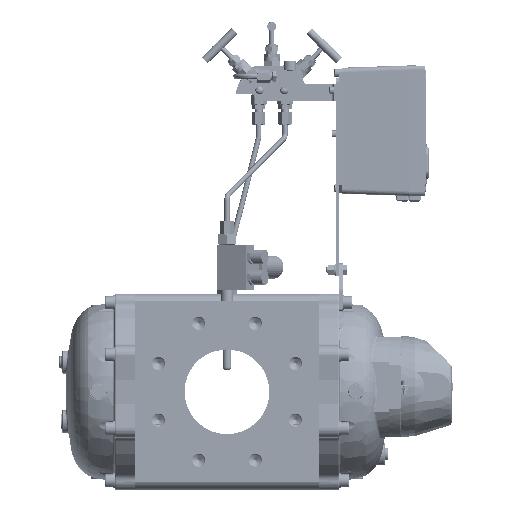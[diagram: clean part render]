
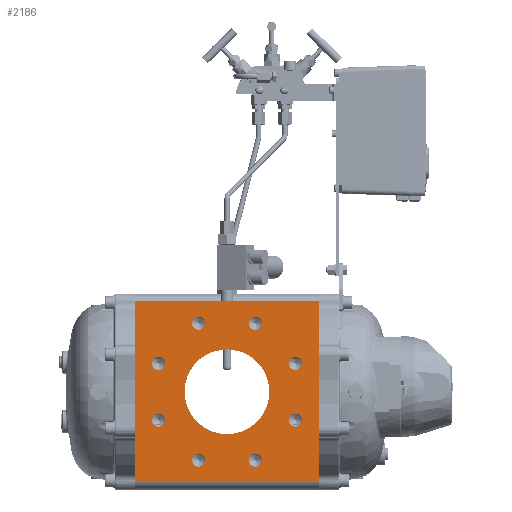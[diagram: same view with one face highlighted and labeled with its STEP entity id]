
A CAD part, front view. The second image highlights one B-rep face of the part: STEP entity #2186.
In plain terms, the highlighted planar face has unit normal (0, -1, 0).
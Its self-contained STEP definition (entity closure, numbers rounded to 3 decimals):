
#2186=ADVANCED_FACE('',(#93868,#93870,#93872,#93874,#93876,#93878,#93880,#93882,
#93884,#93886),#93888,.T.);
#93868=FACE_BOUND('',#93869,.T.);
#93869=EDGE_LOOP('',(#179247,#179248,#179249,#179250));
#93870=FACE_BOUND('',#93871,.T.);
#93871=EDGE_LOOP('',(#179251));
#93872=FACE_BOUND('',#93873,.T.);
#93873=EDGE_LOOP('',(#179252));
#93874=FACE_BOUND('',#93875,.T.);
#93875=EDGE_LOOP('',(#179253));
#93876=FACE_BOUND('',#93877,.T.);
#93877=EDGE_LOOP('',(#179254));
#93878=FACE_BOUND('',#93879,.T.);
#93879=EDGE_LOOP('',(#179255));
#93880=FACE_BOUND('',#93881,.T.);
#93881=EDGE_LOOP('',(#179256));
#93882=FACE_BOUND('',#93883,.T.);
#93883=EDGE_LOOP('',(#179257));
#93884=FACE_BOUND('',#93885,.T.);
#93885=EDGE_LOOP('',(#179258));
#93886=FACE_BOUND('',#93887,.T.);
#93887=EDGE_LOOP('',(#179259));
#93888=PLANE('',#93889);
#93889=AXIS2_PLACEMENT_3D('',#93890,#93891,#93892);
#93890=CARTESIAN_POINT('',(-223.,-120.5,110.));
#93891=DIRECTION('',(0.,-1.,0.));
#93892=DIRECTION('',(0.,0.,-1.));
#179247=ORIENTED_EDGE('',*,*,#247782,.T.);
#179248=ORIENTED_EDGE('',*,*,#247783,.T.);
#179249=ORIENTED_EDGE('',*,*,#247529,.T.);
#179250=ORIENTED_EDGE('',*,*,#247781,.F.);
#179251=ORIENTED_EDGE('',*,*,#247784,.T.);
#179252=ORIENTED_EDGE('',*,*,#247785,.T.);
#179253=ORIENTED_EDGE('',*,*,#247786,.T.);
#179254=ORIENTED_EDGE('',*,*,#247787,.T.);
#179255=ORIENTED_EDGE('',*,*,#247788,.T.);
#179256=ORIENTED_EDGE('',*,*,#247789,.T.);
#179257=ORIENTED_EDGE('',*,*,#247790,.T.);
#179258=ORIENTED_EDGE('',*,*,#247791,.T.);
#179259=ORIENTED_EDGE('',*,*,#247792,.T.);
#247529=EDGE_CURVE('',#277996,#277994,#277997,.T.);
#247781=EDGE_CURVE('',#278441,#277994,#278443,.T.);
#247782=EDGE_CURVE('',#278441,#278444,#278445,.T.);
#247783=EDGE_CURVE('',#278444,#277996,#278446,.T.);
#247784=EDGE_CURVE('',#278447,#278447,#278448,.T.);
#247785=EDGE_CURVE('',#278449,#278449,#278450,.T.);
#247786=EDGE_CURVE('',#278451,#278451,#278452,.T.);
#247787=EDGE_CURVE('',#278453,#278453,#278454,.T.);
#247788=EDGE_CURVE('',#278455,#278455,#278456,.T.);
#247789=EDGE_CURVE('',#278457,#278457,#278458,.T.);
#247790=EDGE_CURVE('',#278459,#278459,#278460,.T.);
#247791=EDGE_CURVE('',#278461,#278461,#278462,.T.);
#247792=EDGE_CURVE('',#278463,#278463,#278464,.T.);
#277994=VERTEX_POINT('',#327424);
#277996=VERTEX_POINT('',#327428);
#277997=LINE('',#327429,#327430);
#278441=VERTEX_POINT('',#330746);
#278443=LINE('',#330750,#330751);
#278444=VERTEX_POINT('',#330753);
#278445=LINE('',#330754,#330755);
#278446=LINE('',#330757,#330758);
#278447=VERTEX_POINT('',#330760);
#278448=CIRCLE('',#330761,7.917);
#278449=VERTEX_POINT('',#330765);
#278450=CIRCLE('',#330766,7.917);
#278451=VERTEX_POINT('',#330770);
#278452=CIRCLE('',#330771,7.917);
#278453=VERTEX_POINT('',#330775);
#278454=CIRCLE('',#330776,7.917);
#278455=VERTEX_POINT('',#330780);
#278456=CIRCLE('',#330781,7.917);
#278457=VERTEX_POINT('',#330785);
#278458=CIRCLE('',#330786,7.917);
#278459=VERTEX_POINT('',#330790);
#278460=CIRCLE('',#330791,7.917);
#278461=VERTEX_POINT('',#330795);
#278462=CIRCLE('',#330796,51.5);
#278463=VERTEX_POINT('',#330800);
#278464=CIRCLE('',#330801,7.917);
#327424=CARTESIAN_POINT('',(0.,-120.5,110.));
#327428=CARTESIAN_POINT('',(0.,-120.5,-110.));
#327429=CARTESIAN_POINT('',(0.,-120.5,-110.));
#327430=VECTOR('',#327431,1.);
#327431=DIRECTION('',(0.,0.,1.));
#330746=CARTESIAN_POINT('',(-223.,-120.5,110.));
#330750=CARTESIAN_POINT('',(-223.,-120.5,110.));
#330751=VECTOR('',#330752,1.);
#330752=DIRECTION('',(1.,0.,0.));
#330753=CARTESIAN_POINT('',(-223.,-120.5,-110.));
#330754=CARTESIAN_POINT('',(-223.,-120.5,110.));
#330755=VECTOR('',#330756,1.);
#330756=DIRECTION('',(0.,0.,-1.));
#330757=CARTESIAN_POINT('',(-223.,-120.5,-110.));
#330758=VECTOR('',#330759,1.);
#330759=DIRECTION('',(1.,0.,0.));
#330760=CARTESIAN_POINT('',(-138.024,-120.5,83.149));
#330761=AXIS2_PLACEMENT_3D('',#330762,#330763,#330764);
#330762=CARTESIAN_POINT('',(-145.942,-120.5,83.149));
#330763=DIRECTION('',(0.,1.,0.));
#330764=DIRECTION('',(1.,0.,0.));
#330765=CARTESIAN_POINT('',(-186.732,-120.5,34.442));
#330766=AXIS2_PLACEMENT_3D('',#330767,#330768,#330769);
#330767=CARTESIAN_POINT('',(-194.649,-120.5,34.442));
#330768=DIRECTION('',(0.,1.,0.));
#330769=DIRECTION('',(1.,0.,0.));
#330770=CARTESIAN_POINT('',(-20.433,-120.5,34.442));
#330771=AXIS2_PLACEMENT_3D('',#330772,#330773,#330774);
#330772=CARTESIAN_POINT('',(-28.351,-120.5,34.442));
#330773=DIRECTION('',(0.,1.,0.));
#330774=DIRECTION('',(1.,0.,0.));
#330775=CARTESIAN_POINT('',(-20.433,-120.5,-34.442));
#330776=AXIS2_PLACEMENT_3D('',#330777,#330778,#330779);
#330777=CARTESIAN_POINT('',(-28.351,-120.5,-34.442));
#330778=DIRECTION('',(0.,1.,0.));
#330779=DIRECTION('',(1.,0.,0.));
#330780=CARTESIAN_POINT('',(-69.141,-120.5,-83.149));
#330781=AXIS2_PLACEMENT_3D('',#330782,#330783,#330784);
#330782=CARTESIAN_POINT('',(-77.058,-120.5,-83.149));
#330783=DIRECTION('',(0.,1.,0.));
#330784=DIRECTION('',(1.,0.,0.));
#330785=CARTESIAN_POINT('',(-138.024,-120.5,-83.149));
#330786=AXIS2_PLACEMENT_3D('',#330787,#330788,#330789);
#330787=CARTESIAN_POINT('',(-145.942,-120.5,-83.149));
#330788=DIRECTION('',(0.,1.,0.));
#330789=DIRECTION('',(1.,0.,0.));
#330790=CARTESIAN_POINT('',(-186.732,-120.5,-34.442));
#330791=AXIS2_PLACEMENT_3D('',#330792,#330793,#330794);
#330792=CARTESIAN_POINT('',(-194.649,-120.5,-34.442));
#330793=DIRECTION('',(0.,1.,0.));
#330794=DIRECTION('',(1.,0.,0.));
#330795=CARTESIAN_POINT('',(-163.,-120.5,0.));
#330796=AXIS2_PLACEMENT_3D('',#330797,#330798,#330799);
#330797=CARTESIAN_POINT('',(-111.5,-120.5,0.));
#330798=DIRECTION('',(0.,1.,0.));
#330799=DIRECTION('',(-1.,0.,0.));
#330800=CARTESIAN_POINT('',(-69.141,-120.5,83.149));
#330801=AXIS2_PLACEMENT_3D('',#330802,#330803,#330804);
#330802=CARTESIAN_POINT('',(-77.058,-120.5,83.149));
#330803=DIRECTION('',(0.,1.,0.));
#330804=DIRECTION('',(1.,0.,0.));

★ ★ ★ ★

- _Your goal_: Would you copy, word for word, only the lines above from the one containing "[diagram: same view" through the one containing "#93884,#93886),#93888,.T.);", both included, and please leave out the pictures?

- _Solution to this task_:
[diagram: same view with one face highlighted and labeled with its STEP entity id]
A CAD part, front view. The second image highlights one B-rep face of the part: STEP entity #2186.
In plain terms, the highlighted planar face has unit normal (0, -1, 0).
Its self-contained STEP definition (entity closure, numbers rounded to 3 decimals):
#2186=ADVANCED_FACE('',(#93868,#93870,#93872,#93874,#93876,#93878,#93880,#93882,
#93884,#93886),#93888,.T.);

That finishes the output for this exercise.